--- START ---

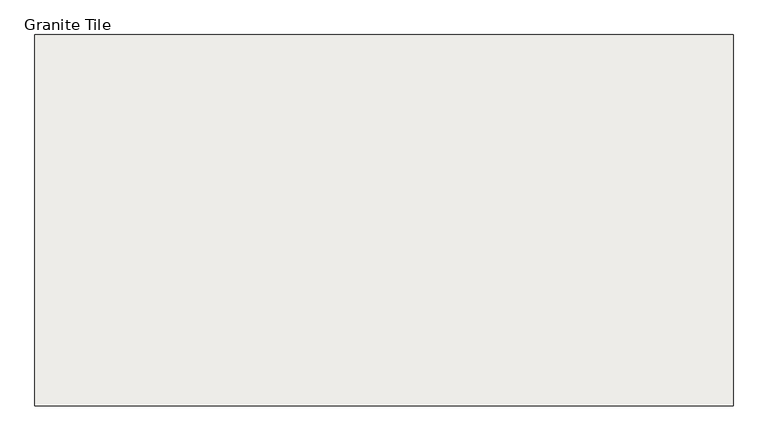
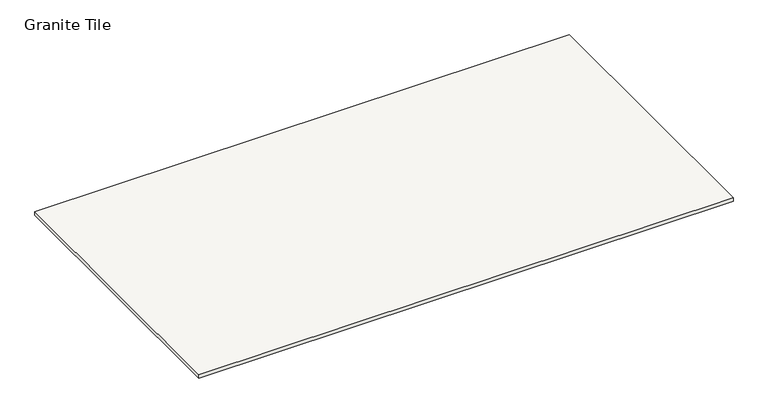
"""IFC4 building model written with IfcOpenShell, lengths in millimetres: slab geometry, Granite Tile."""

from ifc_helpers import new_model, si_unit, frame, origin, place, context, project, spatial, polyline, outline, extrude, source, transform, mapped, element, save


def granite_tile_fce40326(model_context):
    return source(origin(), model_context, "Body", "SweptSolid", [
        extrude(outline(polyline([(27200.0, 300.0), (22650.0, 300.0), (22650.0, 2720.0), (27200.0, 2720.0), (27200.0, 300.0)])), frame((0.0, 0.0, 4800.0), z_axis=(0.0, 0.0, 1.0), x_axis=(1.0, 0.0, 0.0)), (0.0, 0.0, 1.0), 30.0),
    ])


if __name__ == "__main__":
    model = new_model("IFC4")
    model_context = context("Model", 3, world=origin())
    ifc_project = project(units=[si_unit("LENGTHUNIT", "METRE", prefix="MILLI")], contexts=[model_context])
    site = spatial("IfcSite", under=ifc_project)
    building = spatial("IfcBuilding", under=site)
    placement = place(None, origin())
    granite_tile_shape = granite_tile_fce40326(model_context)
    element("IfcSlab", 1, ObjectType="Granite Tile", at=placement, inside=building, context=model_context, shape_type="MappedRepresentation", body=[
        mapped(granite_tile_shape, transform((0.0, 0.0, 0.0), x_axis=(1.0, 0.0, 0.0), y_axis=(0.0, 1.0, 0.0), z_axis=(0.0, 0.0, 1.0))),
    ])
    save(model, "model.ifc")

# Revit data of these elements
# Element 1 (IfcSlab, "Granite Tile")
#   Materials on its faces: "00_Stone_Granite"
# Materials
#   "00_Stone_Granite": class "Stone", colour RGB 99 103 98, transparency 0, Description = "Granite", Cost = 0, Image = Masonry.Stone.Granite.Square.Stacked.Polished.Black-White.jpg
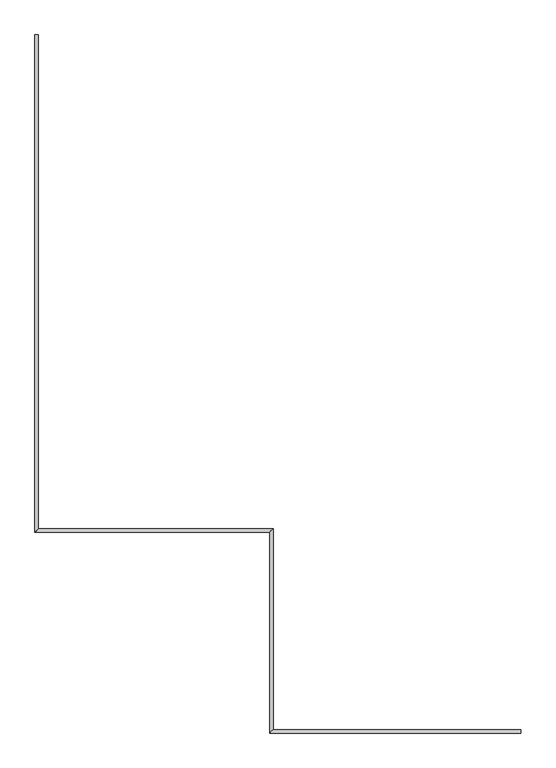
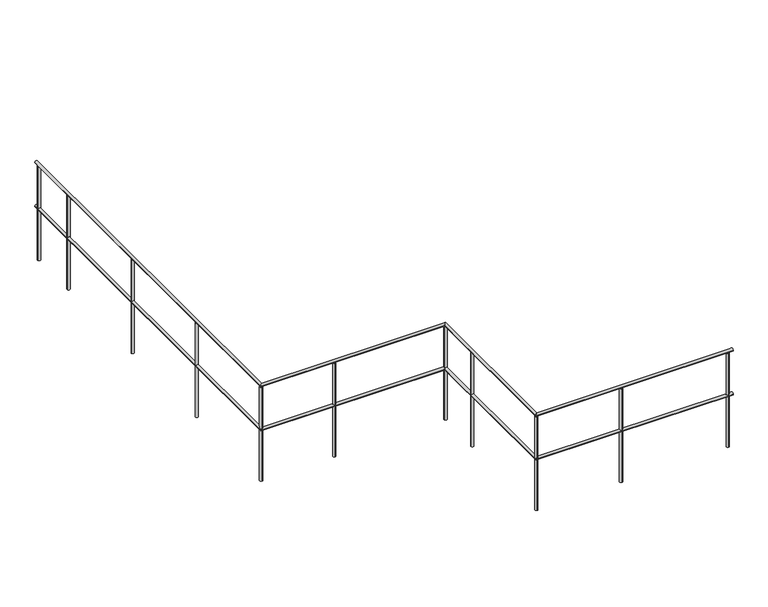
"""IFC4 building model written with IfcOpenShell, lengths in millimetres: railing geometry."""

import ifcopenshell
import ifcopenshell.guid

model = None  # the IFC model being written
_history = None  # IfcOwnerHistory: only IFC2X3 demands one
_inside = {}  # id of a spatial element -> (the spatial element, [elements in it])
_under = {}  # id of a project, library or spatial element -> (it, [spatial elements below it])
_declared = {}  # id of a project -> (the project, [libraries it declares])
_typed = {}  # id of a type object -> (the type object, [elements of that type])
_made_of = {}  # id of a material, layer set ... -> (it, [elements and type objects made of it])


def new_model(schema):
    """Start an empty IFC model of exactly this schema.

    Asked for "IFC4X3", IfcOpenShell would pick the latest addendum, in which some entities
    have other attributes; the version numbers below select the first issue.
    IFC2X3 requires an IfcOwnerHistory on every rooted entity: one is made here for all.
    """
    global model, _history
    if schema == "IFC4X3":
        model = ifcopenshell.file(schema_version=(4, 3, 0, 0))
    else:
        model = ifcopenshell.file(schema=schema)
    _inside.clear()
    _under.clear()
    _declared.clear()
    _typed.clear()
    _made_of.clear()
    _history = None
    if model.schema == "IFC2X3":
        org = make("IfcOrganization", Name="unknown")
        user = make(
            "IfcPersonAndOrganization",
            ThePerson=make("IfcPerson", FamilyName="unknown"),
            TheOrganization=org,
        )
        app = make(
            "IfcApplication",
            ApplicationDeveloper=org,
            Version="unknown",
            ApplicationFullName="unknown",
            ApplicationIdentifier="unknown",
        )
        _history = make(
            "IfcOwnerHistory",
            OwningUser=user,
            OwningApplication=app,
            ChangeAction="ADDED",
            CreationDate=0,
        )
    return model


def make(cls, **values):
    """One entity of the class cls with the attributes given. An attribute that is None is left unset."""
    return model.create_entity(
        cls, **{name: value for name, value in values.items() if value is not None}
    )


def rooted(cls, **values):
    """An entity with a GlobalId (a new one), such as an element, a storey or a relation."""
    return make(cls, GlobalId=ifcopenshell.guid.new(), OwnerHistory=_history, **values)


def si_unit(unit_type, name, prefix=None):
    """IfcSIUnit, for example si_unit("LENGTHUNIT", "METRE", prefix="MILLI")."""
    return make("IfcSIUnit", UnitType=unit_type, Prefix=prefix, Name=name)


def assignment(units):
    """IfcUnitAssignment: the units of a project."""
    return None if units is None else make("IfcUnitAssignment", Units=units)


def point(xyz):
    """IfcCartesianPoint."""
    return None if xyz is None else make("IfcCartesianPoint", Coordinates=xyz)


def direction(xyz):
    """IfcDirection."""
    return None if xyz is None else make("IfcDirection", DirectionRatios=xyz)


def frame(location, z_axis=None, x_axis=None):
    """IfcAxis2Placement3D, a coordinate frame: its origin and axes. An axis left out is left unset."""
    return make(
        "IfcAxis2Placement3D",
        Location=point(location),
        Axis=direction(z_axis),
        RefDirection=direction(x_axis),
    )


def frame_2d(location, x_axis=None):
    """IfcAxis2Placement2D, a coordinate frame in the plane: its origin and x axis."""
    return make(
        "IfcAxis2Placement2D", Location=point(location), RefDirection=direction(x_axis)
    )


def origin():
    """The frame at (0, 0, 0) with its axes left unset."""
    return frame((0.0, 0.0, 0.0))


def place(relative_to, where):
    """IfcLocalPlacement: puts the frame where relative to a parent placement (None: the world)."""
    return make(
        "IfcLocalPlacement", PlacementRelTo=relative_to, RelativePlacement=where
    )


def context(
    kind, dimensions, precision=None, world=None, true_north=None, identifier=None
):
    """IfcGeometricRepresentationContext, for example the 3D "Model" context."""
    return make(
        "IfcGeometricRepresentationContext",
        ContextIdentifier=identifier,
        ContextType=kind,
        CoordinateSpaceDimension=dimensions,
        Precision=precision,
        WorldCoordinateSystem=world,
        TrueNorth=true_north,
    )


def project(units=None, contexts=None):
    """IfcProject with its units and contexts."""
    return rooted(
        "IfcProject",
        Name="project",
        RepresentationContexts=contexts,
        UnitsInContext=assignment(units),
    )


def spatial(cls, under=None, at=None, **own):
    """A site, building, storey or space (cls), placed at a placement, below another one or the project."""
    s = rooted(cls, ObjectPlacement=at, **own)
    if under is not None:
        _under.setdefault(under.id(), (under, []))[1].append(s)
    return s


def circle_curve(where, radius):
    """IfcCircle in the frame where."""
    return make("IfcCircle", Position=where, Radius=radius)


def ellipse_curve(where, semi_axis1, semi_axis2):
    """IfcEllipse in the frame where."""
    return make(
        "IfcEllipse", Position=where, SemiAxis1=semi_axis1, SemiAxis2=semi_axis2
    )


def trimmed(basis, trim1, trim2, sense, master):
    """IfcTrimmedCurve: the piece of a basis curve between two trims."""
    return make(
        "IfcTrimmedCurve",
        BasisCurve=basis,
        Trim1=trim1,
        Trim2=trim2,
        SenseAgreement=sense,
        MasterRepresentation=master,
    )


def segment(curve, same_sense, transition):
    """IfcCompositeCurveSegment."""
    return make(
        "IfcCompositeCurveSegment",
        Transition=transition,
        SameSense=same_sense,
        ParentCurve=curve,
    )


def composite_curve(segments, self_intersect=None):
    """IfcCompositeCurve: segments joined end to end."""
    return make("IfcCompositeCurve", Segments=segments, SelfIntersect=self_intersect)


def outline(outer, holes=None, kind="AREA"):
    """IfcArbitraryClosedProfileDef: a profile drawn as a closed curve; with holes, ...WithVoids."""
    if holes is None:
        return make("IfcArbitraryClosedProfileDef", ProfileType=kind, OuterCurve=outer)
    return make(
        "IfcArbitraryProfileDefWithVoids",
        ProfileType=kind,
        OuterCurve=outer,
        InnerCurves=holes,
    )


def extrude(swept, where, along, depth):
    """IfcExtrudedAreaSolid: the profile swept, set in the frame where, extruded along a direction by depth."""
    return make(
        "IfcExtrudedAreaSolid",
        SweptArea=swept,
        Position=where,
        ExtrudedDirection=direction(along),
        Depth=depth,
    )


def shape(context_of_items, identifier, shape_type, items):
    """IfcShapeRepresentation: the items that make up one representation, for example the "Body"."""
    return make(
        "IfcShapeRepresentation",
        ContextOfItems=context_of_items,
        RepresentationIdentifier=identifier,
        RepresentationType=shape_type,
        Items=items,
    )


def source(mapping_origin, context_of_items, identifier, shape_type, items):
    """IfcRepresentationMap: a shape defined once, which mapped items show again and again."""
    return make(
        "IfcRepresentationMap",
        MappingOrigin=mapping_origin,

--- END ---

PROBLEM → Reproduce each line of the material in which the string "segments" occurs.

RESULT FOR THIS EXERCISE →
def composite_curve(segments, self_intersect=None):
    """IfcCompositeCurve: segments joined end to end."""
    return make("IfcCompositeCurve", Segments=segments, SelfIntersect=self_intersect)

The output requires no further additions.